Il racconto di Beretta inizia con l’omicidio di Vittorio Boiocchi, storico leader della curva, avvenuto lo scorso anno. Dopo quella morte, spiega Beretta, la leadership del gruppo è stata scossa da minacce e litigi interni. In quel caos si inserisce Antonio Bellocco, rampollo della ‘ndrangheta, chiamato per “fare da garante”. “Meglio tenerlo dalla nostra parte, così quando si presenta qualcuno di qualche famiglia se ne occupa lui”, spiega Beretta ai pm.
Gli affari della Curva
Beretta traccia un quadro di affari che, a seconda dell’andamento della squadra, portavano guadagni notevoli. “In quel periodo l’Inter andava bene: portavamo a casa 5-6 mila euro al mese a testa”, racconta, indicando se stesso, Marco Ferdico e Antonio Bellocco come principali beneficiari. Il sistema ruotava attorno a diverse attività: il merchandising, i biglietti, le trasferte e la gestione di baracchini e parcheggi.
Uno dei pilastri del guadagno era il mercato parallelo dei biglietti. Gli ultrà disponevano di 160 tessere, spesso intestate a parenti o membri della curva. Questi abbonamenti venivano rivenduti a prezzi maggiorati. “Inter-Juve? Magari costa 80 euro, ma noi l’acquistiamo a 45-50”, spiega Beretta. Il punto di scambio era il Baretto, il luogo dove chi non aveva una tessera poteva lasciarla a “Debora”, la cassiera degli ultrà. Per evitare problemi ai cancelli, alcuni responsabili della curva intervenivano direttamente sugli steward: “Fai passare questo, è dei nostri”.
Tra biglietti gonfiati e trucchetti come la “doppietta” – far entrare due persone con una sola tessera – una partita di cartello poteva fruttare anche 10 mila euro. “Tutto diviso per tre”, precisa Beretta.
Il ruolo della società e le trasferte
Beretta svela anche il coinvolgimento dello SLO (Supporter Liaison Officer), il delegato della società ai rapporti con la tifoseria organizzata. Questo figura era fondamentale per garantire la distribuzione dei biglietti per le trasferte. “Si compilavano liste e si stabilivano i prezzi: 50 euro per il biglietto e 10 euro per il pullman”, racconta Beretta. Anche qui, il guadagno era assicurato.
Le trasferte, però, erano solo una delle fonti di reddito. Beretta descrive un sistema in cui ogni partita, indipendentemente dall’importanza, garantiva migliaia di euro. I fondi venivano poi divisi tra i principali membri della curva, che mantenevano un controllo stretto su tutte le attività economiche legate alle partite.

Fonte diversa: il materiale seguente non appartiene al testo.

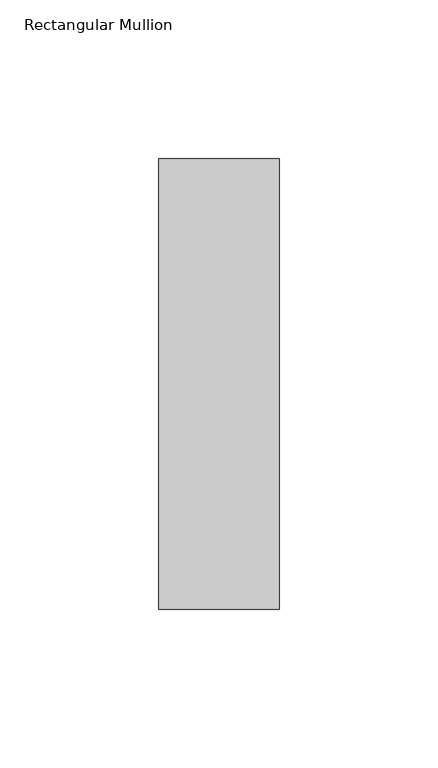
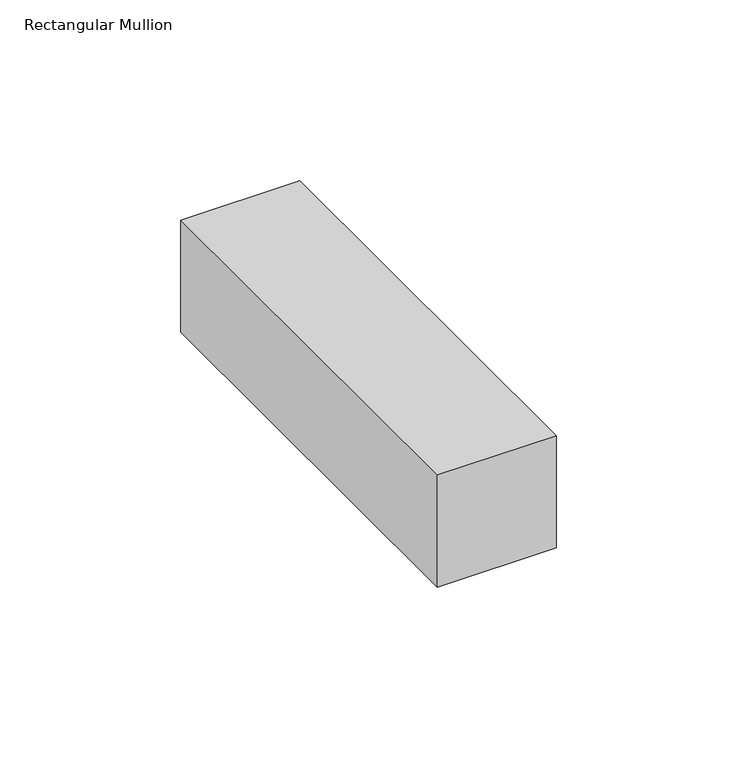
"""IFC4 building model written with IfcOpenShell, lengths in millimetres: member geometry, Rectangular Mullion : NLRS_21_CWM_hsb-regel 38x142_gen_rsf."""

from ifc_helpers import new_model, si_unit, frame, origin, place, context, project, spatial, polyline, outline, extrude, source, transform, mapped, element, save


def rectangular_mullion_ad49c1d0(model_context):
    return source(origin(), model_context, "Body", "SweptSolid", [
        extrude(outline(polyline([(-38.0, -71.0), (-38.0, 71.0), (0.0, 71.0), (0.0, -71.0), (-38.0, -71.0)])), frame((0.0, 0.0, -38.0), z_axis=(0.0, 0.0, 1.0), x_axis=(1.0, 0.0, 0.0)), (0.0, 0.0, 1.0), 38.0),
    ])


if __name__ == "__main__":
    model = new_model("IFC4")
    model_context = context("Model", 3, world=origin())
    ifc_project = project(units=[si_unit("LENGTHUNIT", "METRE", prefix="MILLI")], contexts=[model_context])
    site = spatial("IfcSite", under=ifc_project)
    building = spatial("IfcBuilding", under=site)
    placement = place(None, origin())
    rectangular_mullion_shape = rectangular_mullion_ad49c1d0(model_context)
    element("IfcMember", 1, ObjectType="Rectangular Mullion : NLRS_21_CWM_hsb-regel 38x142_gen_rsf", at=placement, inside=building, context=model_context, shape_type="MappedRepresentation", body=[
        mapped(rectangular_mullion_shape, transform((0.0, 0.0, 0.0), x_axis=(1.0, 0.0, 0.0), y_axis=(0.0, 1.0, 0.0), z_axis=(0.0, 0.0, 1.0))),
    ])
    save(model, "model.ifc")

# Revit data of these elements
# Type "Rectangular Mullion : NLRS_21_CWM_hsb-regel 38x142_gen_rsf"
#   Export Type to IFC As = "IfcWall"
#   Type IfcGUID = "07M7mRoiH1CR8m_RSKIwpF"
#   Assembly Code = "21.10"
#   built-in parameter 1007322 = 0.465879 (stored number, unit not read)
#   built-in parameter 1007321 = 0.062336 (stored number, unit not read)
#   built-in parameter 1007320 = 0.062336 (stored number, unit not read)
# Element 1 (IfcMember, "Rectangular Mullion : NLRS_21_CWM_hsb-regel 38x142_gen_rsf")
#   Materials on its faces: "NLRS_i2_hout naaldhout vuren_gen_rsf"
# Materials
#   "NLRS_i2_hout naaldhout vuren_gen_rsf": class "I - Hout", colour RGB 234 199 147, transparency 0, Keynote = "i2", Manufacturer = "Revit Standards Foundation", URL = "www.revitstandards.org", Description = "hout vuren", Cost = 0
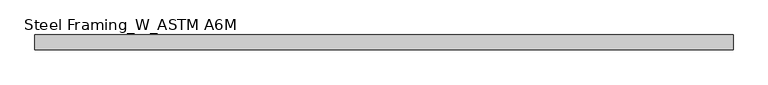
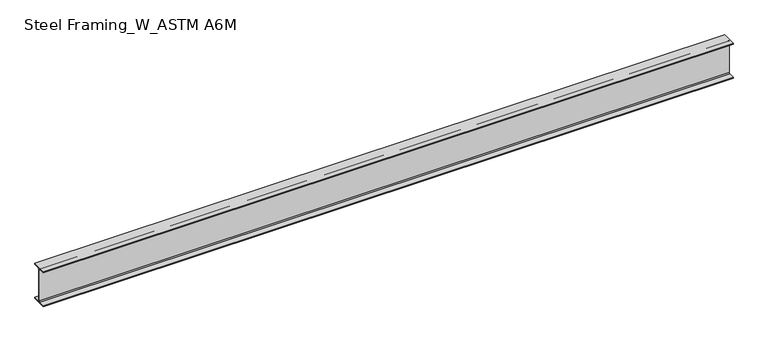
"""IFC4 building model written with IfcOpenShell, lengths in millimetres: beam geometry, Steel Framing_W_ASTM A6M : H_SB_AR_S02_W530x101_RB1."""

from ifc_helpers import new_model, si_unit, point, frame, frame_2d, origin, place, context, project, spatial, polyline, circle_curve, trimmed, segment, composite_curve, outline, extrude, source, transform, mapped, element, save


def steel_framing_w_astm_a6m_b3a50ba3(model_context):
    return source(origin(), model_context, "Body", "SweptSolid", [
        extrude(outline(composite_curve([segment(polyline([(105.0, -250.6), (105.0, -268.0), (-105.0, -268.0), (-105.0, -250.6), (-18.25, -250.6)]), True, "CONTINUOUS"), segment(trimmed(circle_curve(frame_2d((-18.25, -237.8)), 12.8), [point((-18.25, -250.6))], [point((-5.45, -237.8))], True, "CARTESIAN"), True, "CONTINUOUS"), segment(polyline([(-5.45, -237.8), (-5.45, 237.8)]), True, "CONTINUOUS"), segment(trimmed(circle_curve(frame_2d((-18.25, 237.8)), 12.8), [point((-5.45, 237.8))], [point((-18.25, 250.6))], True, "CARTESIAN"), True, "CONTINUOUS"), segment(polyline([(-18.25, 250.6), (-105.0, 250.6), (-105.0, 268.0), (105.0, 268.0), (105.0, 250.6), (18.25, 250.6)]), True, "CONTINUOUS"), segment(trimmed(circle_curve(frame_2d((18.25, 237.8)), 12.8), [point((18.25, 250.6))], [point((5.45, 237.8))], True, "CARTESIAN"), True, "CONTINUOUS"), segment(polyline([(5.45, 237.8), (5.45, -237.8)]), True, "CONTINUOUS"), segment(trimmed(circle_curve(frame_2d((18.25, -237.8)), 12.8), [point((5.45, -237.8))], [point((18.25, -250.6))], True, "CARTESIAN"), True, "CONTINUOUS"), segment(polyline([(18.25, -250.6), (105.0, -250.6)]), True, "CONTINUOUS")], self_intersect=False)), frame((-4987.2, 0.0, 0.0), z_axis=(1.0, 0.0, 0.0), x_axis=(0.0, 1.0, 0.0)), (0.0, 0.0, 1.0), 9987.2),
    ])


if __name__ == "__main__":
    model = new_model("IFC4")
    model_context = context("Model", 3, world=origin())
    ifc_project = project(units=[si_unit("LENGTHUNIT", "METRE", prefix="MILLI")], contexts=[model_context])
    site = spatial("IfcSite", under=ifc_project)
    building = spatial("IfcBuilding", under=site)
    placement = place(None, origin())
    steel_framing_w_astm_a6m_shape = steel_framing_w_astm_a6m_b3a50ba3(model_context)
    element("IfcBeam", 1, ObjectType="Steel Framing_W_ASTM A6M : H_SB_AR_S02_W530x101_RB1", at=placement, inside=building, context=model_context, shape_type="MappedRepresentation", body=[
        mapped(steel_framing_w_astm_a6m_shape, transform((0.0, 0.0, 0.0), x_axis=(1.0, 0.0, 0.0), y_axis=(0.0, 1.0, 0.0), z_axis=(0.0, 0.0, 1.0))),
    ])
    save(model, "model.ifc")

# Revit data of these elements
# Type "Steel Framing_W_ASTM A6M : H_SB_AR_S02_W530x101_RB1"
#   Type Mark = "RB1"
#   Section Name Key = "W21x68"
#   Width = 21.0 cm
#   Web Thickness = 1.09 cm
#   Web Fillet = 1.28 cm
#   Warping Constant = 1820000.0 cm⁶
#   Torsional Moment of Inertia = 102.00 cm⁴
#   Section Area = 129.0 cm²
#   Plastic Modulus weak axis = 400.0 cm³
#   Plastic Modulus strong axis = 2620.0 cm³
#   Perimeter = 1.87 m²/m
#   Nominal Weight = 101.00 kgf/m
#   Moment of Inertia weak axis = 2690.00 cm⁴
#   Moment of Inertia strong axis = 61600.00 cm⁴
#   Height = 53.6 cm
#   Flange Thickness = 1.74 cm
#   Elastic Modulus weak axis = 257.0 cm³
#   Elastic Modulus strong axis = 2290.0 cm³
#   Centroid Vertical = 26.8 cm
#   Centroid Horizontal = 10.5 cm
#   Length [instance default] = 1500 mm
#   Structural Material [instance default] = Steel, 45-345
#   Bolt Spacing = 0
#   Assembly Code = ""
# Element 1 (IfcBeam, "Steel Framing_W_ASTM A6M : H_SB_AR_S02_W530x101_RB1")
#   Materials on its faces: "Steel, 45-345"
# Materials
#   "Steel, 45-345": class "Metal", colour RGB 189 187 185, transparency 0, Description = "Steel 345 MPa", Cost = 0
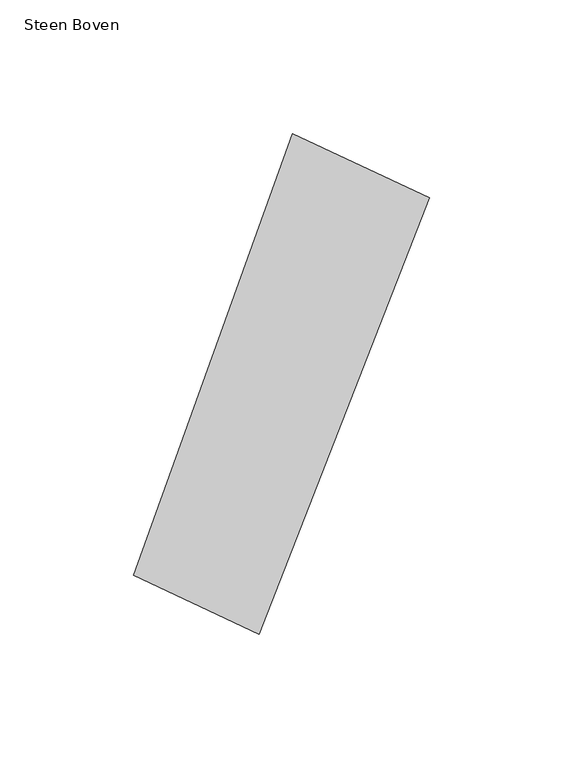
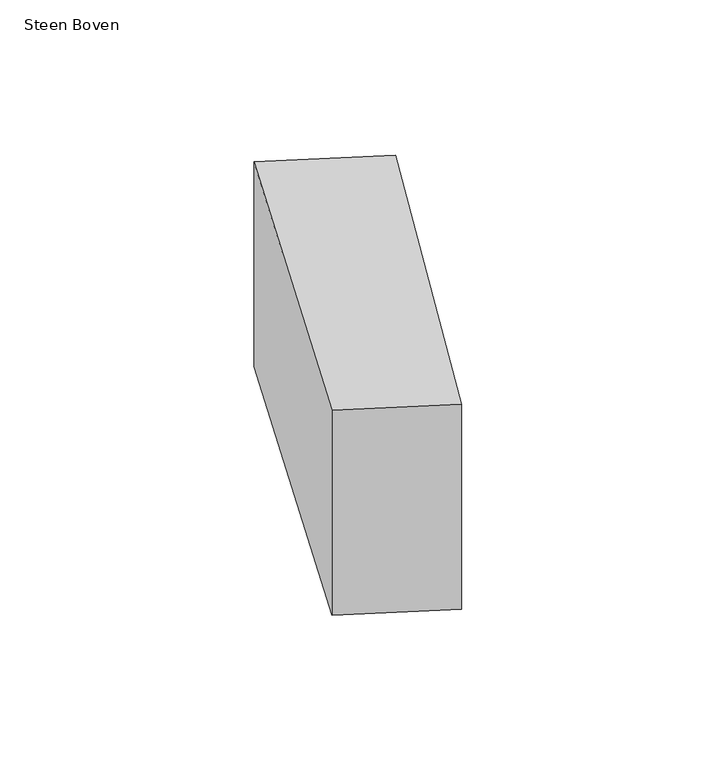
"""IFC4 building model written with IfcOpenShell, lengths in millimetres: proxy geometry, 00_GMA_steen_versie_4 : Steen Boven."""

from ifc_helpers import new_model, si_unit, origin, origin_with_axes, place, context, project, spatial, polyline, outline, extrude, source, transform, mapped, element, save


def steen_boven_51b12e60(model_context):
    return source(origin(), model_context, "Body", "SweptSolid", [
        extrude(outline(polyline([(133.8474479, 154.7382254), (70.0258973, -8.6389831), (22.9536082, 13.4532429), (82.5535619, 178.8224188), (133.8474479, 154.7382254)])), origin_with_axes(), (0.0, 0.0, 1.0), 100.0),
    ])


if __name__ == "__main__":
    model = new_model("IFC4")
    model_context = context("Model", 3, world=origin())
    ifc_project = project(units=[si_unit("LENGTHUNIT", "METRE", prefix="MILLI")], contexts=[model_context])
    site = spatial("IfcSite", under=ifc_project)
    building = spatial("IfcBuilding", under=site)
    placement = place(None, origin())
    steen_boven_shape = steen_boven_51b12e60(model_context)
    element("IfcBuildingElementProxy", 1, Name="00_GMA_steen_versie_4 : Steen Boven", ObjectType="00_GMA_steen_versie_4 : Steen Boven", at=placement, inside=building, context=model_context, shape_type="MappedRepresentation", body=[
        mapped(steen_boven_shape, transform((0.0, 0.0, 0.0), x_axis=(1.0, 0.0, 0.0), y_axis=(0.0, 1.0, 0.0), z_axis=(0.0, 0.0, 1.0))),
    ])
    save(model, "model.ifc")

# Revit data of these elements
# Type "00_GMA_steen_versie_4 : Steen Boven"
#   StootVoegHalfBoven [instance default] = 5 mm
#   StootVoegHalf [instance default] = 5 mm
#   StootVoegBreedteOnder = 10 mm
#   StootVoegBreedteBoven = 10 mm
#   Steendikte = 100 mm
#   LintVoegOnderHalf = 5 mm
#   LintVoegOnder = 10 mm
#   LintVoegBovenHalf = 0 mm
#   LintVoegBoven = 0 mm
#   materiaal = none
#   MateriaalVoeg = none
#   Default Elevation = 0

La ‘ndrangheta nella curva
Il rapporto con Bellocco non era solo economico, ma anche strategico. Beretta racconta come la presenza del rampollo della ‘ndrangheta garantisse una protezione silenziosa ma efficace. “Io gli ho trovato una casa a Pioltello e gli davamo 2 mila euro al mese”, spiega. In cambio, Bellocco faceva valere la sua “mafiosità” per gestire eventuali minacce o conflitti con altre famiglie criminali.
Un sistema in declino
Con i verbali di Beretta, emerge un quadro dettagliato di un sistema organizzato e consolidato che ha approfittato della passione calcistica per creare un giro d’affari illeciti. L’inchiesta “Doppia curva” prosegue, ma le parole del pentito aprono uno squarcio su una realtà in cui il tifo è solo la facciata di un’operazione ben più complessa.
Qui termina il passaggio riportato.